I start and I stop. I start a line and then I erase it. What I want to write may not land well so I retract it. Yet I continue to try to find the end of the line correctly. There is so much going on in our little global community. No wonder billionaires are trying to shoot out into outer space and get off this planet. Escapist fantasies.
In the midst of what is going on, I continue to work a day job that extracts way too much energy and too many brain cells. Feeling a bit crispy around the edges from too many hours, too much work, not enough support resources. I've been walking during my lunch hour to grab some air, spend some time away from my desk and to get some sunlight. I am way too pale these days and I've been trying these weird foot exercises that are giving me crazy shin splints pains/leg cramps. Ugh, no bueno.

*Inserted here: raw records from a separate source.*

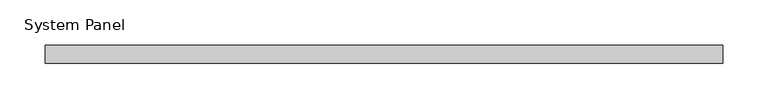
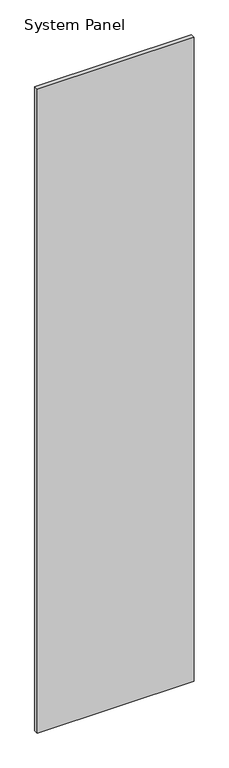
"""IFC4 building model written with IfcOpenShell, lengths in millimetres: plate geometry, System Panel : WWm-Glass-20mm-10mmOffset."""

from ifc_helpers import new_model, si_unit, origin, origin_with_axes, place, context, project, spatial, polyline, outline, extrude, source, transform, mapped, element, save


def system_panel_35fc1531(model_context):
    return source(origin(), model_context, "Body", "SweptSolid", [
        extrude(outline(polyline([(375.0, 0.0), (-375.0, 0.0), (-375.0, 20.0), (375.0, 20.0), (375.0, 0.0)])), origin_with_axes(), (0.0, 0.0, 1.0), 3250.0),
    ])


if __name__ == "__main__":
    model = new_model("IFC4")
    model_context = context("Model", 3, world=origin())
    ifc_project = project(units=[si_unit("LENGTHUNIT", "METRE", prefix="MILLI")], contexts=[model_context])
    site = spatial("IfcSite", under=ifc_project)
    building = spatial("IfcBuilding", under=site)
    placement = place(None, origin())
    system_panel_shape = system_panel_35fc1531(model_context)
    element("IfcPlate", 1, ObjectType="System Panel : WWm-Glass-20mm-10mmOffset", at=placement, inside=building, context=model_context, shape_type="MappedRepresentation", body=[
        mapped(system_panel_shape, transform((0.0, 0.0, 0.0), x_axis=(1.0, 0.0, 0.0), y_axis=(0.0, 1.0, 0.0), z_axis=(0.0, 0.0, 1.0))),
    ])
    save(model, "model.ifc")

# Revit data of these elements
# Type "System Panel : WWm-Glass-20mm-10mmOffset"
#   Finish = ""
# Element 1 (IfcPlate, "System Panel : WWm-Glass-20mm-10mmOffset")
#   Materials on its faces: "WW-EC-GL-Storefront"
# Materials
#   "WW-EC-GL-Storefront": class "Glass", colour RGB 236 240 239, transparency 0.85, Description = "Storefront Glass", Cost = 0
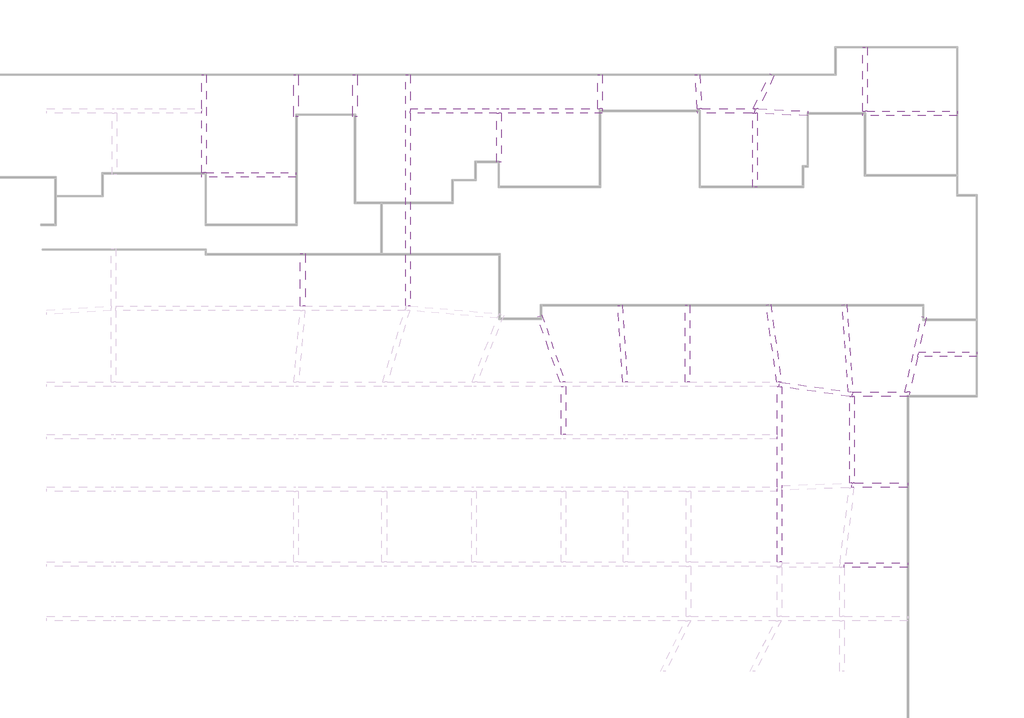
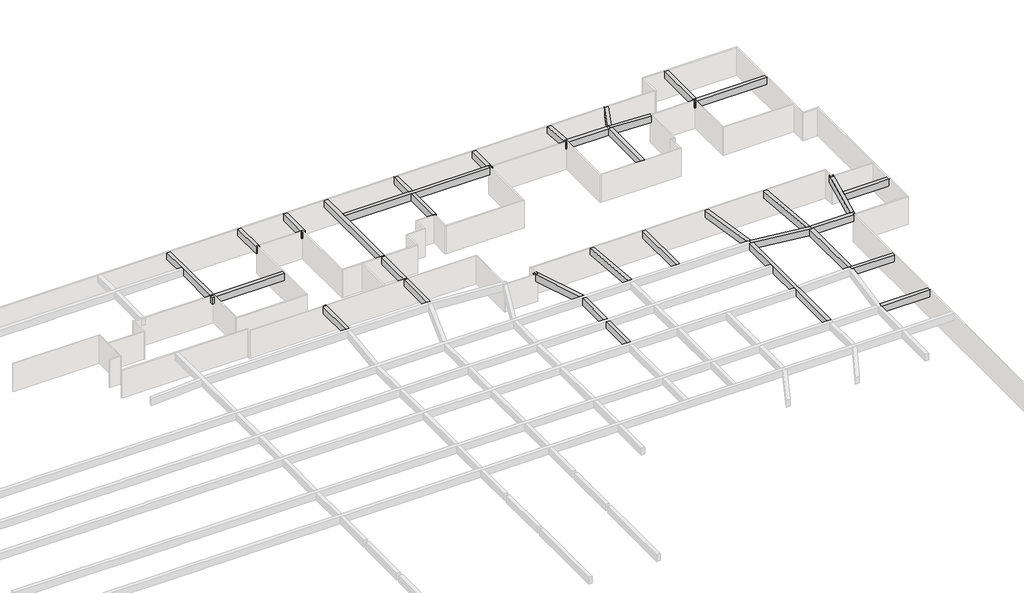
# One storey, part 45 of 45: 30 beams.
"""IFC4 building model written with IfcOpenShell, lengths in millimetres."""

import ifcopenshell
import ifcopenshell.guid

model = None  # the IFC model being written
_history = None  # IfcOwnerHistory: only IFC2X3 demands one
_inside = {}  # id of a spatial element -> (the spatial element, [elements in it])
_under = {}  # id of a project, library or spatial element -> (it, [spatial elements below it])
_declared = {}  # id of a project -> (the project, [libraries it declares])
_typed = {}  # id of a type object -> (the type object, [elements of that type])
_made_of = {}  # id of a material, layer set ... -> (it, [elements and type objects made of it])


def new_model(schema):
    """Start an empty IFC model of exactly this schema.

    Asked for "IFC4X3", IfcOpenShell would pick the latest addendum, in which some entities
    have other attributes; the version numbers below select the first issue.
    IFC2X3 requires an IfcOwnerHistory on every rooted entity: one is made here for all.
    """
    global model, _history
    if schema == "IFC4X3":
        model = ifcopenshell.file(schema_version=(4, 3, 0, 0))
    else:
        model = ifcopenshell.file(schema=schema)
    _inside.clear()
    _under.clear()
    _declared.clear()
    _typed.clear()
    _made_of.clear()
    _history = None
    if model.schema == "IFC2X3":
        org = make("IfcOrganization", Name="unknown")
        user = make(
            "IfcPersonAndOrganization",
            ThePerson=make("IfcPerson", FamilyName="unknown"),
            TheOrganization=org,
        )
        app = make(
            "IfcApplication",
            ApplicationDeveloper=org,
            Version="unknown",
            ApplicationFullName="unknown",
            ApplicationIdentifier="unknown",
        )
        _history = make(
            "IfcOwnerHistory",
            OwningUser=user,
            OwningApplication=app,
            ChangeAction="ADDED",
            CreationDate=0,
        )
    return model


def make(cls, **values):
    """One entity of the class cls with the attributes given. An attribute that is None is left unset."""
    return model.create_entity(
        cls, **{name: value for name, value in values.items() if value is not None}
    )


def rooted(cls, **values):
    """An entity with a GlobalId (a new one), such as an element, a storey or a relation."""
    return make(cls, GlobalId=ifcopenshell.guid.new(), OwnerHistory=_history, **values)


def si_unit(unit_type, name, prefix=None):
    """IfcSIUnit, for example si_unit("LENGTHUNIT", "METRE", prefix="MILLI")."""
    return make("IfcSIUnit", UnitType=unit_type, Prefix=prefix, Name=name)


def assignment(units):
    """IfcUnitAssignment: the units of a project."""
    return None if units is None else make("IfcUnitAssignment", Units=units)


def point(xyz):
    """IfcCartesianPoint."""
    return None if xyz is None else make("IfcCartesianPoint", Coordinates=xyz)


def direction(xyz):
    """IfcDirection."""
    return None if xyz is None else make("IfcDirection", DirectionRatios=xyz)


def frame(location, z_axis=None, x_axis=None):
    """IfcAxis2Placement3D, a coordinate frame: its origin and axes. An axis left out is left unset."""
    return make(
        "IfcAxis2Placement3D",
        Location=point(location),
        Axis=direction(z_axis),
        RefDirection=direction(x_axis),
    )


def origin():
    """The frame at (0, 0, 0) with its axes left unset."""
    return frame((0.0, 0.0, 0.0))


def place(relative_to, where):
    """IfcLocalPlacement: puts the frame where relative to a parent placement (None: the world)."""
    return make(
        "IfcLocalPlacement", PlacementRelTo=relative_to, RelativePlacement=where
    )


def context(
    kind, dimensions, precision=None, world=None, true_north=None, identifier=None
):
    """IfcGeometricRepresentationContext, for example the 3D "Model" context."""
    return make(
        "IfcGeometricRepresentationContext",
        ContextIdentifier=identifier,
        ContextType=kind,
        CoordinateSpaceDimension=dimensions,
        Precision=precision,
        WorldCoordinateSystem=world,
        TrueNorth=true_north,
    )


def project(units=None, contexts=None):
    """IfcProject with its units and contexts."""
    return rooted(
        "IfcProject",
        Name="project",
        RepresentationContexts=contexts,
        UnitsInContext=assignment(units),
    )


def spatial(cls, under=None, at=None, **own):
    """A site, building, storey or space (cls), placed at a placement, below another one or the project."""
    s = rooted(cls, ObjectPlacement=at, **own)
    if under is not None:
        _under.setdefault(under.id(), (under, []))[1].append(s)
    return s


def polyline(points):
    """IfcPolyline through the points."""
    return make("IfcPolyline", Points=[point(p) for p in points])


def outline(outer, holes=None, kind="AREA"):
    """IfcArbitraryClosedProfileDef: a profile drawn as a closed curve; with holes, ...WithVoids."""
    if holes is None:
        return make("IfcArbitraryClosedProfileDef", ProfileType=kind, OuterCurve=outer)
    return make(
        "IfcArbitraryProfileDefWithVoids",
        ProfileType=kind,
        OuterCurve=outer,
        InnerCurves=holes,
    )


def extrude(swept, where, along, depth):
    """IfcExtrudedAreaSolid: the profile swept, set in the frame where, extruded along a direction by depth."""
    return make(
        "IfcExtrudedAreaSolid",
        SweptArea=swept,
        Position=where,
        ExtrudedDirection=direction(along),
        Depth=depth,
    )


def faces_of(points, faces, orient=None, outer=None):
    """IfcFace entities. A face is a list of loops; a loop is a list of indices into points, from 0.

    orient and outer hold one flag for each loop. By default every Orientation is true, the
    first loop of a face is its IfcFaceOuterBound and the others are IfcFaceBound.
    """
    made = []
    for i, loops in enumerate(faces):
        bounds = []
        for j, loop in enumerate(loops):
            is_outer = j == 0 if outer is None else outer[i][j]
            bounds.append(
                make(
                    "IfcFaceOuterBound" if is_outer else "IfcFaceBound",
                    Bound=make("IfcPolyLoop", Polygon=[points[k] for k in loop]),
                    Orientation=True if orient is None else orient[i][j],
                )
            )
        made.append(make("IfcFace", Bounds=bounds))
    return made


def faceted_brep(points, faces, orient=None, outer=None, voids=None):
    """IfcFacetedBrep: a solid bounded by flat faces; with voids (closed shells), ...WithVoids."""
    shared = [point(p) for p in points]
    hull = make("IfcClosedShell", CfsFaces=faces_of(shared, faces, orient, outer))
    if voids is None:
        return make("IfcFacetedBrep", Outer=hull)
    return make(
        "IfcFacetedBrepWithVoids",
        Outer=hull,
        Voids=[
            make(cls, CfsFaces=faces_of(shared, fs, o, b)) for cls, fs, o, b in voids
        ],
    )


def shape(context_of_items, identifier, shape_type, items):
    """IfcShapeRepresentation: the items that make up one representation, for example the "Body"."""
    return make(
        "IfcShapeRepresentation",
        ContextOfItems=context_of_items,
        RepresentationIdentifier=identifier,
        RepresentationType=shape_type,
        Items=items,
    )


def source(mapping_origin, context_of_items, identifier, shape_type, items):
    """IfcRepresentationMap: a shape defined once, which mapped items show again and again."""
    return make(
        "IfcRepresentationMap",
        MappingOrigin=mapping_origin,
        MappedRepresentation=shape(context_of_items, identifier, shape_type, items),
    )


def transform(
    local_origin,
    x_axis=None,
    y_axis=None,
    z_axis=None,
    scale=None,
    scale2=None,
    scale3=None,
    uniform=True,
):
    """IfcCartesianTransformationOperator3D, or its non-uniform kind. x_axis, y_axis, z_axis: its Axis1, 2, 3."""
    if uniform:
        return make(
            "IfcCartesianTransformationOperator3D",
            Axis1=direction(x_axis),
            Axis2=direction(y_axis),
            LocalOrigin=point(local_origin),
            Scale=scale,
            Axis3=direction(z_axis),
        )
    return make(
        "IfcCartesianTransformationOperator3DnonUniform",
        Axis1=direction(x_axis),
        Axis2=direction(y_axis),
        LocalOrigin=point(local_origin),
        Scale=scale,
        Axis3=direction(z_axis),
        Scale2=scale2,
        Scale3=scale3,
    )


def mapped(mapping_source, mapping_target):
    """IfcMappedItem: shows the shape of a source again, moved by a transform."""
    return make(
        "IfcMappedItem", MappingSource=mapping_source, MappingTarget=mapping_target
    )


def made_of(thing, what):
    """Note that an element or type object is made of a material, layer set ...; save() writes the relation."""
    if what is not None:
        _made_of.setdefault(what.id(), (what, []))[1].append(thing)
    return thing


def element(
    cls,
    number,
    at=None,
    inside=None,
    cuts=None,
    type_object=None,
    material=None,
    context=None,
    identifier="Body",
    shape_type=None,
    held_by="IfcProductDefinitionShape",
    body=None,
    shapes=None,
    **own,
):
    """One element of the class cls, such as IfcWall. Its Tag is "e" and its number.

Anyway, I've been writing creatively, working on a new novel, working through a shitty first draft, showing my writing group and getting much needed feedback. I value their input but I'm not sure they really get it. Did I mention it's a shitty first draft? I'm still working out the story arc as I write it out so there are some things that I have figured out and some things that still need to be developed. It's a slow process but when my muse is awake she is greedy for a couple of hours of uninterrupted time. Hmmm. I try to give her what I can time-wise but sometimes she has to wait until the weekend before she gets her allotted time to create.
Why am I writing now, here, after all this time? I really wanted to talk to someone and I reached out to a few people. I even got to chat with a few but after hanging up I was still restless. Work is stressful, but come on, when isn't it? I tried a little retail therapy but I realized I didn't want to add to my credit card bill. I skipped my yoga routine tonight because I was just plain tired.
Then I came across the final version of Kylie Rothfield's Ghost and had to put it up on this blog to share. I can never resist a gorgeous voice or song; and thought, what the hell, let me write a line or two to see what comes out. I never know what I will actually share when I freewrite but it's March 2022 and it's been too quiet for too long and Spring is coming...after this next snowstorm, of course. I needed an outlet tonight and this is where I got it.